Stormont 'should set up new welfare payments'
Stormont should spend about £420m on new welfare mitigations for Northern Ireland over the next three years.
That is according to an expert review commissioned by the Department for Communities Minister Deirdre Hargey.
The new measures include offsetting the two-child limit on some benefits, higher winter fuel payments and a recognition payment for carers.
The review said that without unpaid carers the "health and social care system would collapse".
But there is at present no Stormont budget or a Northern Ireland Executive to implement the measures the experts have recommended.
The Department for Communities said it was considering the expert panel's report and its recommendations.
'No funding'
In February, Stormont assembly members backed a proposal to extend some welfare mitigations in Northern Ireland indefinitely.
That ensured people who would have been affected by the bedroom tax, or spare room subsidy, got top-up payments.
However, the New Decade New Approach deal, which restored power-sharing at Stormont in 2020 after three years of deadlock, promised a wider review of welfare mitigation measures for Northern Ireland.
Ms Hargey then appointed an expert panel to carry that out in November 2021.
It was headed by Les Allamby, the former chief commissioner of the Northern Ireland Human Rights Commission.
In his foreword to the just-published Welfare Mitigations Review, Mr Allamby said changes to the social security system have had "a major impact on the living standards and quality of life" of many people in Northern Ireland.
"Those changes have been particularly damaging for low-income families with children, those with caring responsibilities and the disabled," he said.
"The executive's first welfare mitigations package, by offsetting the impact of the bedroom tax and the benefit cap, has played a vital role in alleviating those impacts."
But the review suggests a range of other new welfare mitigations, especially targeted at helping those on lower incomes, the disabled, children, women and carers.
However Mr Allamby said no funding had been agreed in advance to implement any of the mitigations the expert panel had suggested.
The two-child limit restricts child tax credit and universal credit to the first two children in a family, with few exceptions.
The review said that could cost families with more than two children up to £54 a week per child.
More than one in five families in Northern Ireland has three or more children.
The review has recommended that a "Better Start Larger Families" payment is introduced in Northern Ireland to offset the two-child limit on benefits.
It said that would cost about £39m in 2022-23, rising to £46m in 2023-24 and £53m in 2024-25 but would be the "most cost-effective way" to reduce child poverty and help low-income households.
"Our analysis shows that the two-child limit bears particularly hardest on the poorest families and, unchecked, would lead to a further damaging rise in child poverty," Mr Allamby said.
"By preventing this, our proposals will ensure that thousands of Northern Irish children are shielded from the most damaging impacts of this policy."
Fuel poverty
Among the other mitigations the review panel recommends are a yearly grant for young carers and a cost-of-work allowance to help those in "in-work poverty".
The review said that would cost about £35m a year but could help about 40,000 households with children and 17,000 households without children.

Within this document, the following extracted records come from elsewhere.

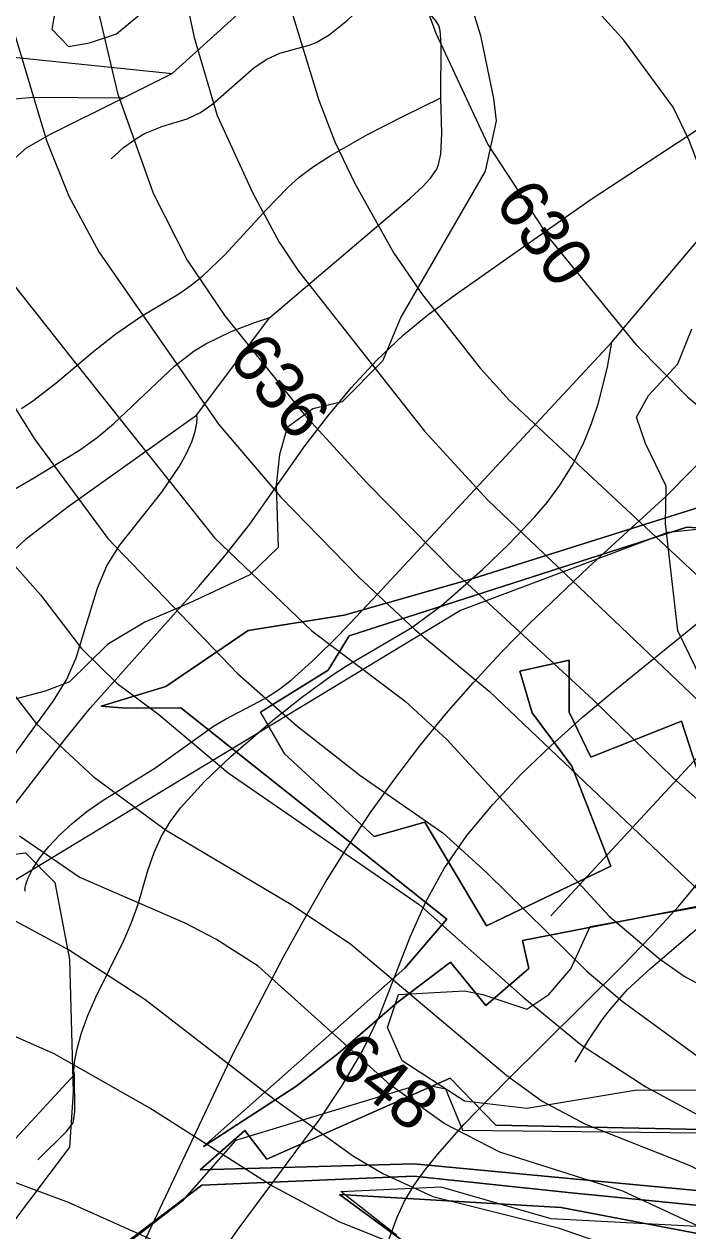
# Model space of a CAD drawing. Extents: x -709584 to -702006, y -1161789 to -1157496.
# Drawn here: x -706282.3 to -706146.4, y -1160169 to -1159921.9 of the extents above; entities that cross this region are included whole.
import ezdxf

# ---------------------------------------------------------------- set-up
doc = ezdxf.new("R2010")
doc.units = 0
for name, color, linetype in [('102_obvod PÚ', 7, 'Continuous'), ('120_vrstevnice hlavní', 7, 'Continuous'), ('121_vrstevnice hlavní_popis', 7, 'Continuous'), ('122_vrstevnice základní', 7, 'Continuous'), ('408_BPEJ_linie', 7, 'Continuous'), ('411_akumulovaný odtok', 7, 'Continuous'), ('419_LPIS PB', 7, 'Continuous')]:
    doc.layers.add(name, color=color, linetype=linetype)

msp = doc.modelspace()

# ---------------------------------------------------------------- linework, layer by layer
at = {"layer": '102_obvod PÚ'}
for points in [[(-706266.51, -1160061.57), (-706253.31, -1160057.54), (-706236.44, -1160046.07), (-706216.8, -1160042.92), (-706190.18, -1160035.39), (-706137.74, -1160018.82)], [(-706137.74, -1160018.82), (-706190.18, -1160035.39), (-706216.8, -1160042.92), (-706236.44, -1160046.07), (-706253.31, -1160057.54), (-706266.51, -1160061.57)], [(-706135.55, -1160025.58), (-706146.66, -1160024.88), (-706215.75, -1160047.19), (-706220.07, -1160054.19), (-706233.94, -1160062.83), (-706228.99, -1160071.32), (-706210.66, -1160088.27), (-706200.25, -1160085.33), (-706187.67, -1160106.55), (-706162.19, -1160094.31), (-706170.19, -1160073.85), (-706178.28, -1160062.93), (-706180.83, -1160054.38), (-706170.7, -1160052.18), (-706170.74, -1160062.83), (-706166.32, -1160071.99), (-706147.7, -1160064.63), (-706138.11, -1160094.39)], [(-706138.11, -1160094.39), (-706147.7, -1160064.63), (-706166.32, -1160071.99), (-706170.74, -1160062.83), (-706170.7, -1160052.18), (-706180.83, -1160054.38), (-706178.28, -1160062.93), (-706170.19, -1160073.85), (-706162.19, -1160094.31), (-706187.67, -1160106.55), (-706200.25, -1160085.33), (-706210.66, -1160088.27), (-706228.99, -1160071.32), (-706233.94, -1160062.83), (-706220.07, -1160054.19), (-706215.75, -1160047.19), (-706146.66, -1160024.88), (-706135.55, -1160025.58)], [(-705915.25, -1160050.7), (-705936.32, -1160058.26), (-705954.33, -1160065.12), (-705971.85, -1160066.26), (-706013.32, -1160082.72), (-706016.7, -1160083.83), (-706026.4, -1160085.18), (-706102.85, -1160094.5), (-706180.26, -1160109.59), (-706178.98, -1160115.33), (-706187.76, -1160122.9), (-706195.05, -1160113.98), (-706206, -1160122.35), (-706218.03, -1160132.69), (-706226.67, -1160139.48), (-706245.57, -1160151.73), (-706204.37, -1160115.22), (-706195.74, -1160105.17), (-706250.2, -1160061.93), (-706261.56, -1160062), (-706266.51, -1160061.57)], [(-706266.51, -1160061.57), (-706261.56, -1160062), (-706250.2, -1160061.93), (-706195.74, -1160105.17), (-706204.37, -1160115.22), (-706245.57, -1160151.73), (-706226.67, -1160139.48), (-706218.03, -1160132.69), (-706206, -1160122.35), (-706195.05, -1160113.98), (-706187.76, -1160122.9), (-706178.98, -1160115.33), (-706180.26, -1160109.59), (-706102.85, -1160094.5), (-706026.4, -1160085.18), (-706016.7, -1160083.83), (-706013.32, -1160082.72), (-705971.85, -1160066.26), (-705954.33, -1160065.12), (-705936.32, -1160058.26), (-705915.25, -1160050.7)], [(-706246.29, -1160156.52), (-706237.09, -1160148.45), (-706232.63, -1160154.36), (-706195.1, -1160137.75), (-706185.76, -1160147.37), (-706101.19, -1160149.14), (-706080.87, -1160147.02), (-706068.42, -1160167.61), (-706029.72, -1160163.28), (-706008.14, -1160158.96), (-706007.64, -1160152.95), (-705980.82, -1160152.31), (-705943.16, -1160138.9), (-705955.48, -1160108.82), (-705960.26, -1160110.09), (-705964.08, -1160092.36), (-705957.14, -1160083.27), (-705946.35, -1160079.09), (-705934.24, -1160063.16)], [(-705934.24, -1160063.16), (-705946.35, -1160079.09), (-705957.14, -1160083.27), (-705964.08, -1160092.36), (-705960.26, -1160110.09), (-705955.48, -1160108.82), (-705943.16, -1160138.9), (-705980.82, -1160152.31), (-706007.64, -1160152.95), (-706008.14, -1160158.96), (-706029.72, -1160163.28), (-706068.42, -1160167.61), (-706080.87, -1160147.02), (-706101.19, -1160149.14), (-706185.76, -1160147.37), (-706195.1, -1160137.75), (-706232.63, -1160154.36), (-706237.09, -1160148.45), (-706246.29, -1160156.52), (-706202.55, -1160155.32), (-706138.89, -1160161.3), (-706099.47, -1160166), (-706067.98, -1160171.17)], [(-706067.98, -1160171.17), (-706099.47, -1160166), (-706138.89, -1160161.3), (-706202.55, -1160155.32), (-706246.29, -1160156.52)], [(-706277.05, -1160183.32), (-706245.92, -1160159.66), (-706202.54, -1160157.82), (-706170.9, -1160161.15), (-706134.52, -1160164.76), (-706122.07, -1160166.1), (-706104.3, -1160168.58), (-706133.73, -1160171.63), (-706172.38, -1160164.27), (-706217.74, -1160161.58), (-706201.61, -1160173.4)], [(-706068.47, -1160174.2), (-706104.3, -1160168.58), (-706122.07, -1160166.1), (-706134.52, -1160164.76), (-706170.9, -1160161.15), (-706202.54, -1160157.82), (-706245.92, -1160159.66), (-706277.05, -1160183.32)], [(-706201.61, -1160173.4), (-706217.74, -1160161.58), (-706172.38, -1160164.27), (-706133.73, -1160171.63), (-706104.3, -1160168.58), (-706068.47, -1160174.2)]]:
    msp.add_lwpolyline(points, dxfattribs=at)
at = {"layer": '120_vrstevnice hlavní'}
for points in [[(-706204.73, -1159905.53), (-706198.04, -1159923.77), (-706187.35, -1159946.56), (-706174.67, -1159965.94), (-706157, -1159987.6), (-706146.46, -1159998.29), (-706111.12, -1160027.5), (-706077.49, -1160058.28), (-706072.79, -1160061.84), (-706062.1, -1160068.54), (-706056.26, -1160071.53), (-706050.7, -1160073.88), (-706043.59, -1160076.13), (-706037.31, -1160077.23), (-706030.32, -1160077.38), (-706012.92, -1160072.49), (-705983.77, -1160064.61), (-705952.64, -1160058.71), (-705937.48, -1160056.82)], [(-706284.82, -1159974.78), (-706271.99, -1159991.02), (-706243.35, -1160027.07), (-706223.4, -1160046.17), (-706204.31, -1160060.56), (-706195.76, -1160068.4), (-706162.56, -1160104.59), (-706152.3, -1160113.28), (-706147.17, -1160116.84), (-706118.81, -1160132.38), (-706091.03, -1160151.47)], [(-706288.38, -1160103.31), (-706272.99, -1160111.57), (-706257.6, -1160121.55), (-706231.1, -1160142.07), (-706214.85, -1160153.75), (-706208.87, -1160157.31), (-706198.61, -1160162.02)], [(-706198.61, -1160162.02), (-706172.96, -1160168.43), (-706157.57, -1160173.7)]]:
    msp.add_lwpolyline(points, dxfattribs=at)
at = {"layer": '122_vrstevnice základní'}
for points in [[(-706294.51, -1159822.03), (-706250.48, -1159859.93), (-706244.78, -1159865.49), (-706240.07, -1159871.9), (-706234.94, -1159883.3), (-706227.25, -1159920.35), (-706221.98, -1159937.45), (-706218.7, -1159946), (-706214.57, -1159954.54), (-706206.59, -1159968.79), (-706200.75, -1159977.34), (-706188.96, -1159992.37), (-706182.93, -1159999), (-706109.98, -1160066.97), (-706091.17, -1160085.5), (-706081.56, -1160089.38), (-706061.47, -1160090.96), (-706042.29, -1160091.2)], [(-706283.25, -1159850.81), (-706272.42, -1159860.21), (-706266.86, -1159866.77), (-706261.59, -1159874.75), (-706258.46, -1159880.73), (-706254.32, -1159892.7), (-706247.48, -1159924.62), (-706242.78, -1159940.58), (-706235.51, -1159956.54), (-706230.1, -1159966.51), (-706226.11, -1159972.5), (-706200.32, -1160005.27), (-706187.35, -1160019.38), (-706129.93, -1160074.1), (-706110.83, -1160090.06)], [(-706285.82, -1159877.46), (-706279.12, -1159887.43), (-706273.7, -1159897.26), (-706270.14, -1159906.38), (-706263.16, -1159936.02), (-706255.89, -1159956.54), (-706248.91, -1159970.22), (-706241.21, -1159981.62), (-706224.97, -1160001.85), (-706212.15, -1160015.82), (-706194.33, -1160033.91), (-706165.83, -1160060.28), (-706149.45, -1160076.24), (-706130.5, -1160093.19), (-706112.54, -1160107.58), (-706102.28, -1160114.57), (-706081.76, -1160125.54), (-706068.08, -1160131.09), (-706057.82, -1160134.52), (-706035.59, -1160138.79), (-706027.05, -1160139.36)], [(-705951.3, -1160051.51), (-705957.33, -1160049.33), (-705965.77, -1160047.88), (-705972.24, -1160047.04), (-705979.74, -1160046.88), (-705987.74, -1160047.04), (-705995.7, -1160048.02), (-706013.65, -1160052.3), (-706018.39, -1160053.19), (-706023.62, -1160053.44), (-706031.6, -1160052.87), (-706041.58, -1160050.16), (-706046.69, -1160047.92), (-706054.12, -1160044.03), (-706069.65, -1160033.06), (-706118.1, -1159991.45), (-706128.93, -1159979.91), (-706133.92, -1159973.07), (-706139.19, -1159963.95), (-706146.17, -1159945.71), (-706149.45, -1159938.87), (-706159.57, -1159925.19), (-706172.96, -1159910.23)], [(-706284.53, -1159922.91), (-706277.69, -1159945.71), (-706273.13, -1159957.11), (-706267.01, -1159968.51), (-706242.5, -1160003.85), (-706229.81, -1160018.67), (-706213.85, -1160035.05), (-706202.31, -1160045.88), (-706187.07, -1160058.57), (-706143.89, -1160099.6), (-706131.21, -1160109.72), (-706104.56, -1160126.82), (-706098.58, -1160131.24), (-706076.21, -1160150.47), (-706066.2, -1160153.2), (-706054.38, -1160155.56), (-706045.14, -1160157.74)], [(-706303.06, -1159970.5), (-706280.12, -1160006.98), (-706265.15, -1160027.22), (-706238.65, -1160054.86), (-706226.54, -1160065.55), (-706213.57, -1160075.67), (-706196.61, -1160087.49), (-706187.64, -1160095.61), (-706167.12, -1160115.85), (-706159.85, -1160121.98), (-706144.46, -1160133.23), (-706118.24, -1160148.91), (-706086.32, -1160170)], [(-706288.95, -1160027.5), (-706278.98, -1160038.76), (-706270.57, -1160049.73), (-706263.3, -1160056.86), (-706254.75, -1160063.27), (-706240.5, -1160075.24), (-706201.46, -1160102.17), (-706180.23, -1160121.12), (-706168.26, -1160130.95), (-706155.01, -1160139.5), (-706133.63, -1160151.04), (-706120.66, -1160159.45), (-706108.41, -1160169), (-706094.02, -1160181.68)], [(-706291.09, -1160050.59), (-706279.83, -1160065.12), (-706268.15, -1160075.95), (-706253.33, -1160086.92), (-706227.39, -1160102.31), (-706215.42, -1160110.29), (-706183.5, -1160137.22), (-706176.24, -1160142.49), (-706167.4, -1160147.2), (-706146.17, -1160155.6), (-706138.19, -1160159.59), (-706130.21, -1160164.72), (-706099.86, -1160187.1)], [(-706135.91, -1160171.99), (-706159.71, -1160160.88), (-706184.93, -1160152.9), (-706196.33, -1160147.05), (-706207.3, -1160139.22), (-706234.37, -1160114.85), (-706243.07, -1160109.29), (-706249.34, -1160106.02), (-706271, -1160096.61), (-706283.25, -1160088.21)], [(-706196.61, -1160175.7), (-706217.84, -1160167.15), (-706231.95, -1160159.59), (-706256.6, -1160143.92), (-706276.12, -1160132.8), (-706294.93, -1160124.54)], [(-706340.01, -1160142.01), (-706304.42, -1160151.64), (-706290.52, -1160156.74), (-706273.31, -1160163.12), (-706255.75, -1160170.97)]]:
    msp.add_lwpolyline(points, dxfattribs=at)
at = {"layer": '408_BPEJ_linie'}
for points in [[(-706131, -1160024), (-706150.5, -1160026), (-706193, -1160042), (-706290.5, -1160101), (-706319.5, -1160119.5), (-706347, -1160131), (-706404.5, -1160146), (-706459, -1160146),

It would aim to help more people into work and help with the cost of childcare.
"Recommendations here are designed to acknowledge that Northern Ireland remains significantly behind the rest of the UK in terms of childcare support outside of the social security system," the report said.
The expert panel also recommend a new winter heating assistance payment of £50 to those on a range of income-related benefits, and an additional heating payment to households with a disabled child.
"The Department for Communities has recently reported that fuel poverty in Northern Ireland stands at 22% based on the proportion of households spending more than 10% of their income on energy costs," the review said.
It also said that carers saved the Northern Ireland economy more than £4bn a year, and one in eight adults was a carer for a family member.
The expert panel recommended introducing a carer's allowance recognition payment of £231.40 twice a year, which it said would cost about £25m annually but benefit about 50,000 carers.
Implementing all the mitigations the experts recommended would cost about £140m a year.
But their report said spending that would save public money elsewhere.
"We believe that such a package is an investment and by helping to tackle hardship and disadvantage it will save on expenditure elsewhere within government," it said.
However introducing the measures would need executive agreement and due to the collapse of the administration in February no Stormont budget has been set.